Pawankhind is a 2022 Indian Marathi-language historical action drama film directed by Digpal Lanjekar and produced under the banner of Almonds Creations in association with AA Films. The film based on the life of Maratha warrior, Baji Prabhu Deshpande, stars Chinmay Mandlekar, Mrinal Kulkarni, Ajay Purkar, Sameer Dharmadhikari, along with Ankit Mohan, Prajakta Mali and Kshitee Jog in supporting roles.

It is the third entry in an eight-film series on the Maratha Empire. After Farzand and Fatteshikast, Digpal Lanjekar announced this third film on unsung Maratha heroes. It was followed by Sher Shivraj. The film was a huge commercial success with  film become the fifth highest-grossing Marathi film of all time and second highest-grossing Marathi film of 2022.

Synopsis
The film depicts the historical rearguard last stand that took place on 13 July 1660 at a mountain pass in the vicinity of fort Vishalgad, near the city of Kolhapur, Maharashtra, India between the Maratha Warrior Baji Prabhu Deshpande and Siddi Masud of Adilshah Sultanate, known as Battle of Pavan Khind.

Plot
The film begins in 1674 with the Shivaji Maharaj (Chinmay Mandlekar) telling story of Battle of Pavan Khind to Sambhaji Maharaj (Stavan Shinde). The plot frequently switches flashback to 1660.
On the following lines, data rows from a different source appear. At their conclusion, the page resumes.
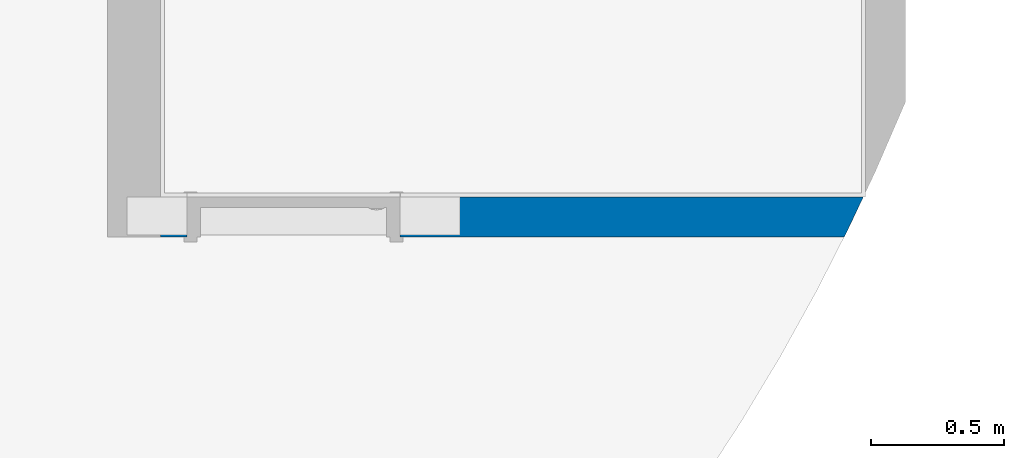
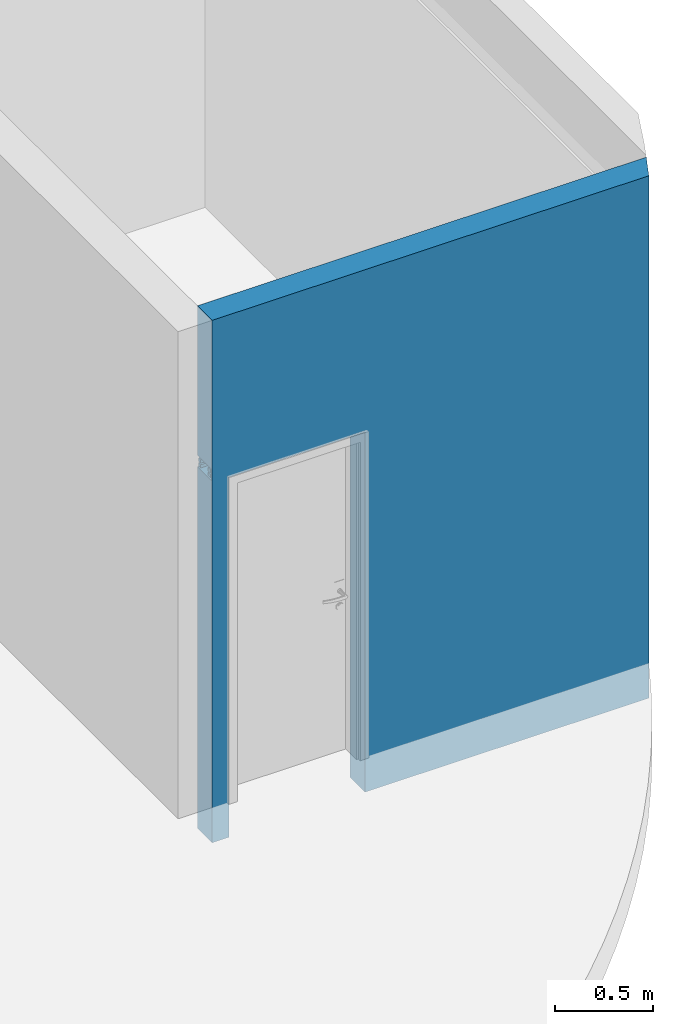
# One storey, part 17 of 21: 1 wall, 1 opening.
"""IFC4 building model written with IfcOpenShell, lengths in millimetres."""

from ifc_helpers import new_model, entity, si_unit, converted_unit, derived_unit, direction, frame, origin_with_axes, place, context, subcontext, project, spatial, polygons, material, constituent, constituent_set, type_object, element, save


model = new_model("IFC4")

# Units and contexts
model_context = context("Model", 3, precision=0.01, world=origin_with_axes(), true_north=direction((0.0, 1.0)))
body_context = subcontext(model_context, "Body", "Model", "MODEL_VIEW")
ifc_project = project(units=[si_unit("LENGTHUNIT", "METRE", prefix="MILLI"), si_unit("AREAUNIT", "SQUARE_METRE"), si_unit("VOLUMEUNIT", "CUBIC_METRE"), converted_unit("PLANEANGLEUNIT", "DEGREE", entity("IfcPlaneAngleMeasure", 0.0174532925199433), si_unit("PLANEANGLEUNIT", "RADIAN"), dimensions=[0, 0, 0, 0, 0, 0, 0]), converted_unit("TIMEUNIT", "Year", entity("IfcTimeMeasure", 31557600.0), si_unit("TIMEUNIT", "SECOND"), dimensions=[0, 0, 1, 0, 0, 0, 0]), si_unit("MASSUNIT", "GRAM", prefix="KILO"), si_unit("THERMODYNAMICTEMPERATUREUNIT", "DEGREE_CELSIUS"), si_unit("LUMINOUSINTENSITYUNIT", "LUMEN"), si_unit("ENERGYUNIT", "JOULE", prefix="MEGA"), derived_unit("THERMALCONDUCTANCEUNIT", [(si_unit("POWERUNIT", "WATT"), 1), (si_unit("LENGTHUNIT", "METRE"), -1), (si_unit("THERMODYNAMICTEMPERATUREUNIT", "KELVIN"), -1)]), derived_unit("SPECIFICHEATCAPACITYUNIT", [(si_unit("ENERGYUNIT", "JOULE"), 1), (si_unit("MASSUNIT", "GRAM", prefix="KILO"), -1), (si_unit("THERMODYNAMICTEMPERATUREUNIT", "KELVIN"), -1)]), derived_unit("MASSDENSITYUNIT", [(si_unit("MASSUNIT", "GRAM", prefix="KILO"), 1), (si_unit("VOLUMEUNIT", "CUBIC_METRE"), -1)])], contexts=[model_context])

# Site, building, storey
site_placement = place(None, origin_with_axes())
site = spatial("IfcSite", under=ifc_project, at=site_placement, Name="Exteriér", CompositionType="ELEMENT")
building_placement = place(site_placement, origin_with_axes())
building = spatial("IfcBuilding", under=site, at=building_placement, Name="Univerzitní lezecké centrum", CompositionType="ELEMENT")
storey_placement = place(building_placement, frame((0.0, 0.0, -3350.0), z_axis=(0.0, 0.0, 1.0), x_axis=(1.0, 0.0, 0.0)))
storey = spatial("IfcBuildingStorey", under=building, at=storey_placement, Name="1.PP", CompositionType="ELEMENT", Elevation=-3350.0)

# Wall, opening
ifc_material = material(Name="Keramické tvárnice nenosné tl. 150 mm")
ifc_constituent = constituent(ifc_material, Name="Keramické tvárnice nenosné tl. 150 mm")
ifc_constituent_set = constituent_set(constituents=[ifc_constituent], Name="!Vnitřní keramická stěna 150 mm - nenosná*")
wall_type = type_object("IfcWallType", Name="!Vnitřní keramická stěna 150 mm - nenosná* 150", PredefinedType="NOTDEFINED")
wall_placement = place(storey_placement, frame((9691.398444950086, -3700.000000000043, -220.0000000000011), z_axis=(0.0, 0.0, 1.0), x_axis=(-1.0, 0.0, 0.0)))
wall = element("IfcWall", 1, at=wall_placement, inside=storey, type_object=wall_type, material=ifc_constituent_set, Name="St07*", PredefinedType="NOTDEFINED", context=body_context, shape_type="Tessellation", body=[
    polygons([(2541.76007291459, 150.0000929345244, 0.500000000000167), (2541.76007291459, -3.262183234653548e-05, 0.500000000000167), (2541.760101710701, 0.0, 220.0000000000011), (2541.760101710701, 150.0000000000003, 220.0000000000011), (2541.76007291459, -3.262183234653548e-05, 0.0), (2541.76007291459, 150.0000929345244, 0.0), (1741.760160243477, -3.262183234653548e-05, 0.0), (1741.760160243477, -3.262183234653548e-05, 0.500000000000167), (1741.760101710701, 0.0, 220.0000000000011), (1741.760101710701, 0.0, 2240.000000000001), (2541.760101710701, 0.0, 2240.000000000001), (2641.286278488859, 0.0, 0.0), (2641.286278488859, 0.0, 2250.000000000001), (1516.7601017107, 0.0, 2250.000000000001), (1516.7601017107, 0.0, 2321.0), (2641.286278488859, 0.0, 2321.0), (2641.286278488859, 0.0, 3250.0), (0.0, 0.0, 3250.0), (-0.1005966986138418, 0.0, 3250.000000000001), (-0.1005966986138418, 0.0, 0.0), (2541.760101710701, 150.0000000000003, 2240.000000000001), (1741.760160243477, 150.0000929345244, 0.500000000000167), (1741.760160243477, 150.0000929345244, 0.0), (71.20078333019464, 150.0000000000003, 0.0), (71.20078333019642, 150.0000000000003, 3250.0), (2641.286278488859, 150.0000000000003, 3250.0), (2641.286278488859, 150.0000000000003, 0.0), (1741.760101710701, 150.0000000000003, 2240.000000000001), (1741.760101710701, 150.0000000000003, 220.0000000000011), (2641.286278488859, 144.274998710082, 2321.0), (2641.286278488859, 144.274998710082, 2250.000000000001), (1516.7601017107, 144.274998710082, 2250.000000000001), (1516.7601017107, 144.274998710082, 2321.0), (1516.7601017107, 33.33250000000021, 2260.499637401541), (1516.7601017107, 11.44250000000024, 2260.499637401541), (1516.7601017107, 11.44250000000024, 2280.499637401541), (1516.7601017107, 33.33250000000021, 2280.499637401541), (1516.7601017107, 33.33250000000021, 2290.5), (1516.7601017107, 11.44250000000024, 2290.5), (1516.7601017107, 11.44250000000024, 2310.500000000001), (1516.7601017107, 33.33250000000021, 2310.500000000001), (1516.7601017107, 132.8313637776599, 2280.499637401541), (1516.7601017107, 132.8313637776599, 2260.499637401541), (1516.7601017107, 110.9413637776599, 2260.499637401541), (1516.7601017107, 110.9413637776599, 2280.499637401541), (1516.7601017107, 110.9413637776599, 2290.5), (1516.7601017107, 110.9413637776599, 2310.500000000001), (1516.7601017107, 132.8313637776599, 2310.500000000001), (1516.7601017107, 132.8313637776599, 2290.5), (0.0, 0.2116299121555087, 3250.0), (2641.286278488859, 33.33249999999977, 2260.499637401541), (2641.286278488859, 11.4424999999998, 2260.499637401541), (2641.286278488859, 11.4424999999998, 2280.499637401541), (2641.286278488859, 33.33249999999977, 2280.499637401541), (2641.286278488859, 33.33249999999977, 2290.5), (2641.286278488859, 11.4424999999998, 2290.5), (2641.286278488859, 11.4424999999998, 2310.500000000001), (2641.286278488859, 33.33249999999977, 2310.500000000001), (2641.286278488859, 132.8313637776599, 2280.499637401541), (2641.286278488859, 132.8313637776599, 2260.499637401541), (2641.286278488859, 110.9413637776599, 2260.499637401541), (2641.286278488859, 110.9413637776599, 2280.499637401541), (2641.286278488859, 110.9413637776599, 2290.5), (2641.286278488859, 110.9413637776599, 2310.500000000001), (2641.286278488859, 132.8313637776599, 2310.500000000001), (2641.286278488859, 132.8313637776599, 2290.5)], [[[1, 2, 3, 4]], [[5, 2, 1, 6]], [[7, 8, 9, 10, 11, 3, 2, 5, 12, 13, 14, 15, 16, 17, 18, 19, 20]], [[21, 4, 3, 11]], [[22, 23, 24, 25, 26, 27, 6, 1, 4, 21, 28, 29]], [[5, 6, 27, 12]], [[22, 8, 7, 23]], [[8, 22, 29, 9]], [[29, 28, 10, 9]], [[28, 21, 11, 10]], [[16, 30, 31, 13, 12, 27, 26, 17]], [[32, 14, 13, 31]], [[15, 14, 32, 33], [34, 35, 36, 37], [38, 39, 40, 41], [42, 43, 44, 45], [46, 47, 48, 49]], [[15, 33, 30, 16]], [[50, 18, 17, 26, 25]], [[50, 19, 18]], [[50, 25, 24, 20, 19]], [[23, 7, 20, 24]], [[32, 31, 30, 33]], [[34, 51, 52, 35]], [[35, 52, 53, 36]], [[36, 53, 54, 37]], [[37, 54, 51, 34]], [[38, 55, 56, 39]], [[39, 56, 57, 40]], [[40, 57, 58, 41]], [[41, 58, 55, 38]], [[42, 59, 60, 43]], [[43, 60, 61, 44]], [[44, 61, 62, 45]], [[45, 62, 59, 42]], [[46, 63, 64, 47]], [[47, 64, 65, 48]], [[48, 65, 66, 49]], [[49, 66, 63, 46]], [[52, 51, 54, 53]], [[56, 55, 58, 57]], [[61, 60, 59, 62]], [[63, 66, 65, 64]]], closed=True),
])
opening_placement = place(wall_placement, frame((2141.760101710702, 0.0, 220.0000000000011), z_axis=(0.0, 0.0, 1.0), x_axis=(1.0, 0.0, 0.0)))
element("IfcOpeningElement", 2, at=opening_placement, cuts=wall, Name="D05", context=body_context, identifier="Reference", shape_type="Tessellation", body=[
    polygons([(400.0000000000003, -1.000000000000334, 2020.0), (-400.0000000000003, -1.000000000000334, 2020.0), (-400.0000000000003, -1.000000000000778, 0.0), (400.0000000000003, -1.000000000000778, 0.0), (411.9999999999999, -1.000000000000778, 0.0), (411.9999999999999, -1.000000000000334, 2032.0), (-411.9999999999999, -1.000000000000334, 2032.0), (-411.9999999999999, -1.000000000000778, 0.0), (400.0000000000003, 0.0, 0.0), (-400.0000000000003, 0.0, 0.0), (-400.0000000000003, 149.9999999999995, 0.0), (-400.0000000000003, 150.9999999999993, 0.0), (400.0000000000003, 150.9999999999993, 0.0), (400.0000000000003, 149.9999999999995, 0.0), (411.9999999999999, 0.0, 0.0), (411.9999999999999, 0.0, 2032.0), (-411.9999999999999, 0.0, 2032.0), (-411.9999999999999, 0.0, 0.0), (-400.0000000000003, 0.0, 2020.0), (-400.0000000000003, 149.9999999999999, 2020.0), (-411.9999999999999, 149.9999999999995, 0.0), (-411.9999999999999, 150.9999999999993, 0.0), (-411.9999999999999, 150.9999999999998, 2032.0), (411.9999999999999, 150.9999999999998, 2032.0), (411.9999999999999, 150.9999999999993, 0.0), (411.9999999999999, 149.9999999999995, 0.0), (400.0000000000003, 0.0, 2020.0), (400.0000000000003, 149.9999999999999, 2020.0), (411.9999999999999, 149.9999999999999, 2032.0), (-411.9999999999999, 149.9999999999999, 2032.0)], [[[1, 2, 3, 4]], [[3, 2, 1, 4, 5, 6, 7, 8]], [[9, 4, 3, 10, 11, 12, 13, 14]], [[4, 9, 15, 5]], [[15, 16, 6, 5]], [[16, 17, 7, 6]], [[17, 18, 8, 7]], [[10, 3, 8, 18]], [[10, 19, 20, 11]], [[12, 11, 21, 22]], [[13, 12, 22, 23, 24, 25]], [[14, 13, 25, 26]], [[27, 9, 14, 28]], [[27, 19, 10, 18, 17, 16, 15, 9]], [[19, 27, 28, 20]], [[11, 20, 28, 14, 26, 29, 30, 21]], [[21, 30, 23, 22]], [[30, 29, 24, 23]], [[29, 26, 25, 24]]], closed=True),
])

save(model, "model.ifc")

Badi Begum (Kshitee Jog) asked everyone ‘’Who has dare to kill Shivaji’’? then Siddi Johar (Sameer Dharmadhikari) came into the kingdom & said "I have dare to kill Shivaji". Badi Begum gives him a chance to prove himself on one condition. If he kills Shivaji Maharaj she will give him a post in Bijapur Sultanate & If he is unsuccessful in killing Shivaji Maharaj , she will kill him.

At that time Shivaji Maharaj was encamped at Panhala fort with his forces. Siddi Johar's army besieged the fort of Panhala and cut off the supply of routes to the fort. During the bombardment of Panhala, Siddi Johar purchased grenades from the English at Rajapur and hired some English personalities in their force.

Shivaji Maharaj gave order to Bahirji Naik (Harish Dudhade) to search a secret road of Vishalgad in order to escape. Bahirji found the road and Shivaji Maharaj escaped from Panhala by cover of night but here they create a Shivaji Maharaj's look alike Shiva Kashid (Ajinkya Nanaware), a barber by profession sending him for the meeting with Siddi Johar. Shiva Kashid went to Siddi Johar but when Fazal Khan recognized him, Siddi killed Shiva Kashid.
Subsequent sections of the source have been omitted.